# Brisket vs top round roast



## rlk438 (Jul 16, 2014)

A youth group is going to do a senior 65+ appreciation diner. We were talking about doing brisket. One person was telling me to just get good top round roast and use that. We are going for sliced not burnt ends. A photo I saw in the store add kind of look like a flat.  But it was 3.69 a lbs. we are doing the dinner for 40 seniors plus 20 youth/helper parents.  For me saying a smoked top round dinner don't sound as good as smoked brisket. But is it as good of eating? We have over a month so I wanted to watch for sales. If it only saves a little, then I would rather have the brisket. But if bigger savings or better eating then do the top round.  The group already knows I will introduce them to new things at times and that nothing I take to a diner comes home. I have also been ask for my recipe on things from this group of seniors so I don't want to let them down.  Thank you for your help.


----------



## kc5tpy (Jul 16, 2014)

Hello.  I would choose whole packer brisket every time but being from Tx.

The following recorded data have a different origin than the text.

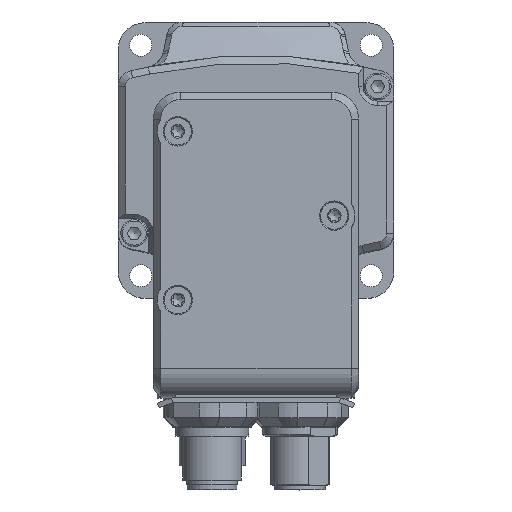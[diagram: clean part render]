
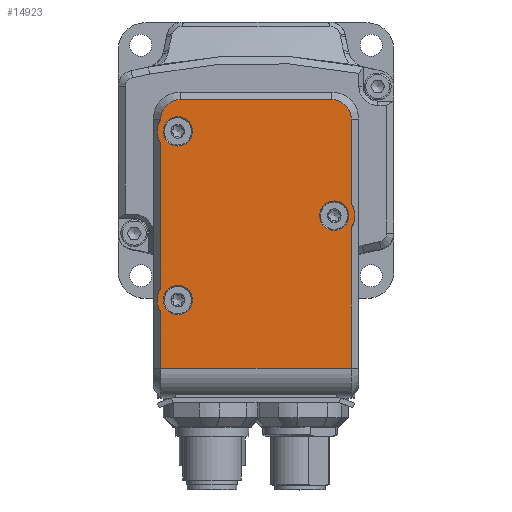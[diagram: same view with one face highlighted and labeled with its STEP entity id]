
A CAD part, top view. The second image highlights one B-rep face of the part: STEP entity #14923.
In plain terms, the highlighted planar face has unit normal (0, 0, 1).
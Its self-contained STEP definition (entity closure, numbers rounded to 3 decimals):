
#962=FACE_BOUND('',#4345,.T.);
#963=FACE_BOUND('',#4346,.T.);
#964=FACE_BOUND('',#4347,.T.);
#1250=LINE('',#22711,#2214);
#1261=LINE('',#22781,#2225);
#1262=LINE('',#22784,#2226);
#1263=LINE('',#22786,#2227);
#1264=LINE('',#22790,#2228);
#1265=LINE('',#22794,#2229);
#1266=LINE('',#22798,#2230);
#2214=VECTOR('',#18121,10.);
#2225=VECTOR('',#18200,10.);
#2226=VECTOR('',#18203,10.);
#2227=VECTOR('',#18204,10.);
#2228=VECTOR('',#18207,10.);
#2229=VECTOR('',#18210,10.);
#2230=VECTOR('',#18213,10.);
#3056=PLANE('',#15994);
#3480=FACE_OUTER_BOUND('',#4344,.T.);
#4344=EDGE_LOOP('',(#10396,#10397,#10398,#10399,#10400,#10401,#10402,#10403,
#10404,#10405,#10406,#10407));
#4345=EDGE_LOOP('',(#10408));
#4346=EDGE_LOOP('',(#10409));
#4347=EDGE_LOOP('',(#10410));
#5282=CIRCLE('',#15983,3.);
#5285=CIRCLE('',#15987,3.);
#5288=CIRCLE('',#15991,3.);
#5291=CIRCLE('',#15995,4.25);
#5292=CIRCLE('',#15996,4.25);
#5293=CIRCLE('',#15997,3.993);
#5294=CIRCLE('',#15998,3.993);
#5295=CIRCLE('',#15999,4.25);
#6239=VERTEX_POINT('',#22708);
#6240=VERTEX_POINT('',#22710);
#6255=VERTEX_POINT('',#22755);
#6258=VERTEX_POINT('',#22763);
#6261=VERTEX_POINT('',#22771);
#6264=VERTEX_POINT('',#22779);
#6265=VERTEX_POINT('',#22780);
#6266=VERTEX_POINT('',#22782);
#6267=VERTEX_POINT('',#22785);
#6268=VERTEX_POINT('',#22787);
#6269=VERTEX_POINT('',#22789);
#6270=VERTEX_POINT('',#22791);
#6271=VERTEX_POINT('',#22793);
#6272=VERTEX_POINT('',#22795);
#6273=VERTEX_POINT('',#22797);
#7799=EDGE_CURVE('',#6239,#6240,#1250,.T.);
#7821=EDGE_CURVE('',#6255,#6255,#5282,.T.);
#7825=EDGE_CURVE('',#6258,#6258,#5285,.T.);
#7829=EDGE_CURVE('',#6261,#6261,#5288,.T.);
#7833=EDGE_CURVE('',#6264,#6265,#1261,.T.);
#7834=EDGE_CURVE('',#6266,#6264,#5291,.T.);
#7835=EDGE_CURVE('',#6240,#6266,#1262,.T.);
#7836=EDGE_CURVE('',#6267,#6239,#1263,.T.);
#7837=EDGE_CURVE('',#6268,#6267,#5292,.T.);
#7838=EDGE_CURVE('',#6269,#6268,#1264,.T.);
#7839=EDGE_CURVE('',#6270,#6269,#5293,.T.);
#7840=EDGE_CURVE('',#6271,#6270,#1265,.T.);
#7841=EDGE_CURVE('',#6272,#6271,#5294,.T.);
#7842=EDGE_CURVE('',#6273,#6272,#1266,.T.);
#7843=EDGE_CURVE('',#6265,#6273,#5295,.T.);
#10396=ORIENTED_EDGE('',*,*,#7833,.F.);
#10397=ORIENTED_EDGE('',*,*,#7834,.F.);
#10398=ORIENTED_EDGE('',*,*,#7835,.F.);
#10399=ORIENTED_EDGE('',*,*,#7799,.F.);
#10400=ORIENTED_EDGE('',*,*,#7836,.F.);
#10401=ORIENTED_EDGE('',*,*,#7837,.F.);
#10402=ORIENTED_EDGE('',*,*,#7838,.F.);
#10403=ORIENTED_EDGE('',*,*,#7839,.F.);
#10404=ORIENTED_EDGE('',*,*,#7840,.F.);
#10405=ORIENTED_EDGE('',*,*,#7841,.F.);
#10406=ORIENTED_EDGE('',*,*,#7842,.F.);
#10407=ORIENTED_EDGE('',*,*,#7843,.F.);
#10408=ORIENTED_EDGE('',*,*,#7825,.T.);
#10409=ORIENTED_EDGE('',*,*,#7821,.T.);
#10410=ORIENTED_EDGE('',*,*,#7829,.T.);
#14923=ADVANCED_FACE('',(#3480,#962,#963,#964),#3056,.T.);
#15983=AXIS2_PLACEMENT_3D('',#22756,#18173,#18174);
#15987=AXIS2_PLACEMENT_3D('',#22764,#18182,#18183);
#15991=AXIS2_PLACEMENT_3D('',#22772,#18191,#18192);
#15994=AXIS2_PLACEMENT_3D('',#22778,#18198,#18199);
#15995=AXIS2_PLACEMENT_3D('',#22783,#18201,#18202);
#15996=AXIS2_PLACEMENT_3D('',#22788,#18205,#18206);
#15997=AXIS2_PLACEMENT_3D('',#22792,#18208,#18209);
#15998=AXIS2_PLACEMENT_3D('',#22796,#18211,#18212);
#15999=AXIS2_PLACEMENT_3D('',#22799,#18214,#18215);
#18121=DIRECTION('',(-1.,0.,0.));
#18173=DIRECTION('center_axis',(0.,0.,
-1.));
#18174=DIRECTION('ref_axis',(0.,1.,0.));
#18182=DIRECTION('center_axis',(0.,0.,
-1.));
#18183=DIRECTION('ref_axis',(0.,1.,0.));
#18191=DIRECTION('center_axis',(0.,0.,
-1.));
#18192=DIRECTION('ref_axis',(0.,1.,0.));
#18198=DIRECTION('center_axis',(0.,0.,
1.));
#18199=DIRECTION('ref_axis',(-1.,0.,0.));
#18200=DIRECTION('',(0.,1.,0.));
#18201=DIRECTION('center_axis',(0.,0.,
-1.));
#18202=DIRECTION('ref_axis',(0.,1.,0.));
#18203=DIRECTION('',(0.,1.,0.));
#18204=DIRECTION('',(0.,-1.,0.));
#18205=DIRECTION('center_axis',(0.,0.,
-1.));
#18206=DIRECTION('ref_axis',(0.,1.,0.));
#18207=DIRECTION('',(0.,-1.,0.));
#18208=DIRECTION('center_axis',(0.,0.,
-1.));
#18209=DIRECTION('ref_axis',(0.707,0.707,0.));
#18210=DIRECTION('',(1.,0.,0.));
#18211=DIRECTION('center_axis',(0.,0.,
-1.));
#18212=DIRECTION('ref_axis',(-0.707,0.707,0.));
#18213=DIRECTION('',(0.,1.,0.));
#18214=DIRECTION('center_axis',(0.,0.,
-1.));
#18215=DIRECTION('ref_axis',(0.,1.,0.));
#22708=CARTESIAN_POINT('',(19.493,-42.7,105.99));
#22710=CARTESIAN_POINT('',(-19.493,-42.7,105.99));
#22711=CARTESIAN_POINT('',(21.,-42.7,105.99));
#22755=CARTESIAN_POINT('',(-16.,2.8,105.99));
#22756=CARTESIAN_POINT('Origin',(-16.,5.8,105.99));
#22763=CARTESIAN_POINT('',(-16.,-31.7,105.99));
#22764=CARTESIAN_POINT('Origin',(-16.,-28.7,105.99));
#22771=CARTESIAN_POINT('',(16.,-14.45,105.99));
#22772=CARTESIAN_POINT('Origin',(16.,-11.45,105.99));
#22778=CARTESIAN_POINT('Origin',(16.,-11.45,105.99));
#22779=CARTESIAN_POINT('',(-19.493,-26.279,105.99));
#22780=CARTESIAN_POINT('',(-19.493,3.379,105.99));
#22781=CARTESIAN_POINT('',(-19.493,-39.667,105.99));
#22782=CARTESIAN_POINT('',(-19.493,-31.121,105.99));
#22783=CARTESIAN_POINT('Origin',(-16.,-28.7,105.99));
#22784=CARTESIAN_POINT('',(-19.493,-39.667,105.99));
#22785=CARTESIAN_POINT('',(19.493,-13.871,105.99));
#22786=CARTESIAN_POINT('',(19.493,-39.667,105.99));
#22787=CARTESIAN_POINT('',(19.493,-9.029,105.99));
#22788=CARTESIAN_POINT('Origin',(16.,-11.45,105.99));
#22789=CARTESIAN_POINT('',(19.493,8.3,105.99));
#22790=CARTESIAN_POINT('',(19.493,-39.667,105.99));
#22791=CARTESIAN_POINT('',(15.5,12.293,105.99));
#22792=CARTESIAN_POINT('Origin',(15.5,8.3,105.99));
#22793=CARTESIAN_POINT('',(-15.5,12.293,105.99));
#22794=CARTESIAN_POINT('',(21.,12.293,105.99));
#22795=CARTESIAN_POINT('',(-19.493,8.3,105.99));
#22796=CARTESIAN_POINT('Origin',(-15.5,8.3,105.99));
#22797=CARTESIAN_POINT('',(-19.493,8.221,105.99));
#22798=CARTESIAN_POINT('',(-19.493,-39.667,105.99));
#22799=CARTESIAN_POINT('Origin',(-16.,5.8,105.99));
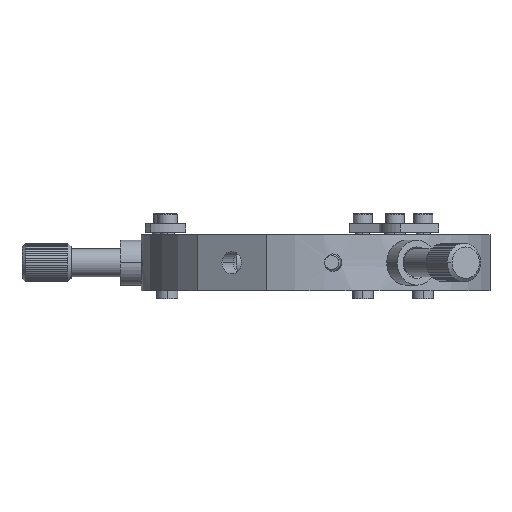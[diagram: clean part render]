
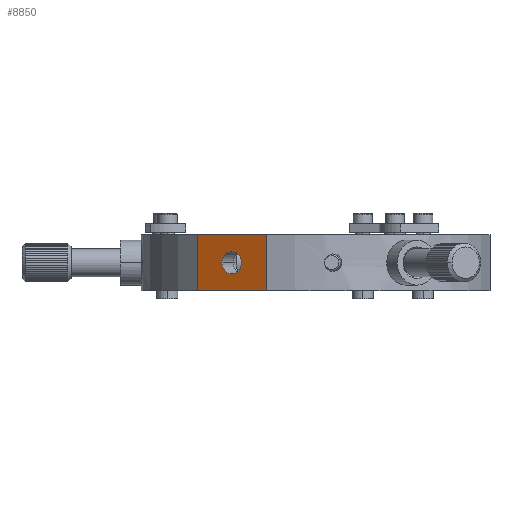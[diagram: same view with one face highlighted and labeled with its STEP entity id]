
A CAD part, left-side view. The second image highlights one B-rep face of the part: STEP entity #8850.
In plain terms, the highlighted planar face has unit normal (-0.866, 0.5, 0).
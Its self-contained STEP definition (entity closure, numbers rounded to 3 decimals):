
#1893 = CARTESIAN_POINT ( 'NONE',  ( -44.122, 21.779, 8. ) ) ;
#1894 = DIRECTION ( 'NONE',  ( -0.5, -0.866, 0. ) ) ;
#1895 = DIRECTION ( 'NONE',  ( -0.866, 0.5, 0. ) ) ;
#1896 = CARTESIAN_POINT ( 'NONE',  ( -42.522, 24.55, 8. ) ) ;
#1897 = AXIS2_PLACEMENT_3D ( 'NONE', #1896, #1895, #1894 ) ;
#1898 = CIRCLE ( 'NONE', #1897, 3.2 ) ;
#2023 = CARTESIAN_POINT ( 'NONE',  ( -40.922, 27.321, 8. ) ) ;
#8422 = EDGE_CURVE ( 'NONE', #11448, #11536, #19252, .T. ) ;
#8722 = VERTEX_POINT ( 'NONE', #19780 ) ;
#8724 = EDGE_CURVE ( 'NONE', #8722, #8725, #19779, .T. ) ;
#8725 = VERTEX_POINT ( 'NONE', #19775 ) ;
#8736 = EDGE_LOOP ( 'NONE', ( #8737, #8824 ) ) ;
#8737 = ORIENTED_EDGE ( 'NONE', *, *, #8422, .F. ) ;
#8751 = EDGE_CURVE ( 'NONE', #8725, #8752, #19822, .T. ) ;
#8752 = VERTEX_POINT ( 'NONE', #19818 ) ;
#8824 = ORIENTED_EDGE ( 'NONE', *, *, #11447, .F. ) ;
#8850 = ADVANCED_FACE ( 'NONE', ( #19874, #19868 ), #19867, .F. ) ;
#8853 = EDGE_LOOP ( 'NONE', ( #8855, #8857, #8860, #8863 ) ) ;
#8855 = ORIENTED_EDGE ( 'NONE', *, *, #8724, .F. ) ;
#8857 = ORIENTED_EDGE ( 'NONE', *, *, #8858, .F. ) ;
#8858 = EDGE_CURVE ( 'NONE', #8859, #8722, #19862, .T. ) ;
#8859 = VERTEX_POINT ( 'NONE', #19929 ) ;
#8860 = ORIENTED_EDGE ( 'NONE', *, *, #8861, .F. ) ;
#8861 = EDGE_CURVE ( 'NONE', #8752, #8859, #19928, .T. ) ;
#8863 = ORIENTED_EDGE ( 'NONE', *, *, #8751, .F. ) ;
#11447 = EDGE_CURVE ( 'NONE', #11536, #11448, #1898, .T. ) ;
#11448 = VERTEX_POINT ( 'NONE', #1893 ) ;
#11536 = VERTEX_POINT ( 'NONE', #2023 ) ;
#19244 = DIRECTION ( 'NONE',  ( -0.5, -0.866, 0. ) ) ;
#19245 = DIRECTION ( 'NONE',  ( -0.866, 0.5, 0. ) ) ;
#19246 = CARTESIAN_POINT ( 'NONE',  ( -42.522, 24.55, 8. ) ) ;
#19247 = AXIS2_PLACEMENT_3D ( 'NONE', #19246, #19245, #19244 ) ;
#19252 = CIRCLE ( 'NONE', #19247, 3.2 ) ;
#19775 = CARTESIAN_POINT ( 'NONE',  ( -48.208, 14.701, 16. ) ) ;
#19776 = DIRECTION ( 'NONE',  ( -0.5, -0.866, 0. ) ) ;
#19777 = VECTOR ( 'NONE', #19776, 1000. ) ;
#19778 = CARTESIAN_POINT ( 'NONE',  ( -54.735, 3.397, 16. ) ) ;
#19779 = LINE ( 'NONE', #19778, #19777 ) ;
#19780 = CARTESIAN_POINT ( 'NONE',  ( -36.835, 34.399, 16. ) ) ;
#19818 = CARTESIAN_POINT ( 'NONE',  ( -48.208, 14.701, 0. ) ) ;
#19819 = DIRECTION ( 'NONE',  ( 0., 0., -1. ) ) ;
#19820 = VECTOR ( 'NONE', #19819, 1000. ) ;
#19821 = CARTESIAN_POINT ( 'NONE',  ( -48.208, 14.701, 16. ) ) ;
#19822 = LINE ( 'NONE', #19821, #19820 ) ;
#19861 = CARTESIAN_POINT ( 'NONE',  ( -36.835, 34.399, 0. ) ) ;
#19862 = LINE ( 'NONE', #19861, #19931 ) ;
#19863 = DIRECTION ( 'NONE',  ( 0.5, 0.866, 0. ) ) ;
#19864 = DIRECTION ( 'NONE',  ( 0.866, -0.5, 0. ) ) ;
#19865 = CARTESIAN_POINT ( 'NONE',  ( -54.735, 3.397, 16. ) ) ;
#19866 = AXIS2_PLACEMENT_3D ( 'NONE', #19865, #19864, #19863 ) ;
#19867 = PLANE ( 'NONE',  #19866 ) ;
#19868 = FACE_BOUND ( 'NONE', #8736, .T. ) ;
#19874 = FACE_OUTER_BOUND ( 'NONE', #8853, .T. ) ;
#19925 = DIRECTION ( 'NONE',  ( 0.5, 0.866, 0. ) ) ;
#19926 = VECTOR ( 'NONE', #19925, 1000. ) ;
#19927 = CARTESIAN_POINT ( 'NONE',  ( -48.208, 14.701, 0. ) ) ;
#19928 = LINE ( 'NONE', #19927, #19926 ) ;
#19929 = CARTESIAN_POINT ( 'NONE',  ( -36.835, 34.399, 0. ) ) ;
#19930 = DIRECTION ( 'NONE',  ( 0., 0., 1. ) ) ;
#19931 = VECTOR ( 'NONE', #19930, 1000. ) ;
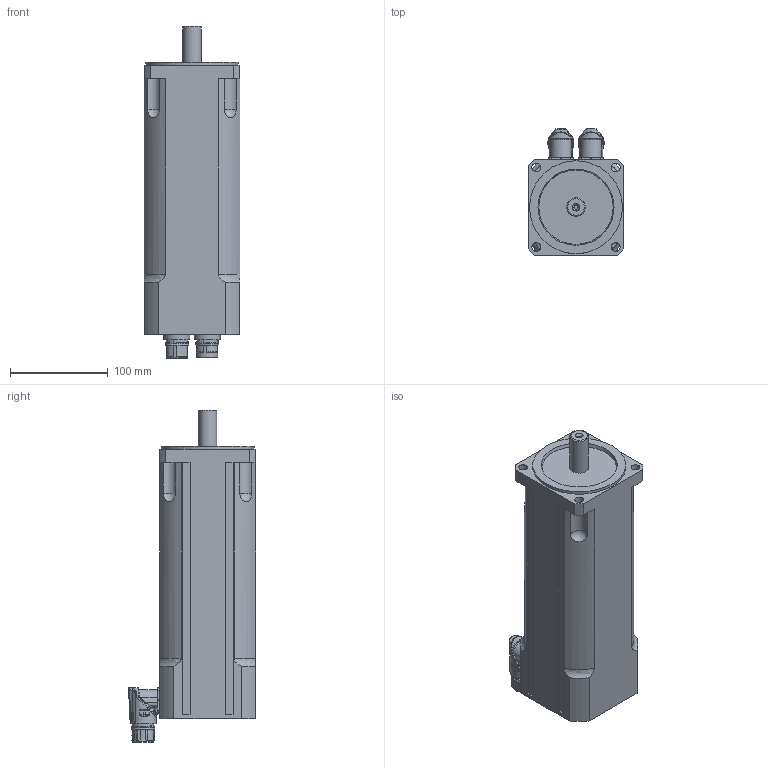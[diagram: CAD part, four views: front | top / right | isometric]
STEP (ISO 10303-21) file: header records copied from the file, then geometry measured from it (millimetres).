
FILE_DESCRIPTION(/* description */ (''),/* implementation_level */ '2;1');
FILE_NAME(/* name */ 'C:\PDF_output\T4000 00 Z_0950_S2.stp',/* time_stamp */ '2013-06-18T14:16:18+02:00',/* author */ ('oslejsek'),/* organization */ (''),/* preprocessor_version */ 'ST-DEVELOPER v15.2',/* originating_system */ 'Autodesk Inventor 2014',/* authorisation */ '');
FILE_SCHEMA (('AUTOMOTIVE_DESIGN { 1 0 10303 214 3 1 1 }'));
Length unit declared in the file: millimetre
Products named in the file (4): T4000 00_0950; BEW_0207_8-polig Stifte; AEW_0214_12-polig Stift; T4000 00 Z_0950_S2
Bounding box: 98 x 130 x 339.67 mm (x, y, z)
Volume: 2504956.4 mm3; surface area: 141680.3 mm2
Topology: 3 solids, 3 shells, 929 faces, 2359 edges, 1504 vertices
Faces by surface type: cylinder 273, bspline 264, plane 256, cone 64, torus 48, sphere 24
Full cylindrical faces by diameter (mm): 1 x16, 1.18 x12, 1.2 x12, 1.3 x4, 2 x4, 2.15 x4, 2.7 x8, 3 x4, 4.134 x1, 4.5 x2, 5.8 x1, 5.9 x2, 6.8 x1, 9 x4, 15.2 x1, 17.4 x1, 19 x1, 19.1 x1, 19.8 x2, 19.9 x1, 20 x2, 21.15 x4, 21.6 x1, 95 x1
Entity records: 36018 total; most frequent: CARTESIAN_POINT 14739, ORIENTED_EDGE 4288, DIRECTION 3901, EDGE_CURVE 2144, AXIS2_PLACEMENT_3D 1629, VERTEX_POINT 1433, EDGE_LOOP 1163, ADVANCED_FACE 927

I am biased.  Truthfully you would probably be happy with either.  Sounds like your time smoking will be well spent for a good cause.  Good luck.  Keep Smokin!

Danny


----------



## dirtsailor2003 (Jul 16, 2014)

Why not get a top round roast and smoke it up and give it a try and see what you think. The texture is going to be different than the brisket. We do top round and bottom round roasts all the time for making french dip. One thing with the roast and this is entirely my opinion, they need to be rare- medium rare max. Anymore than that and they get tough. The brisket as you know cooks to a more well done stage which is appealing when serving to a large crowd that may not like rare or medium rare beef.


----------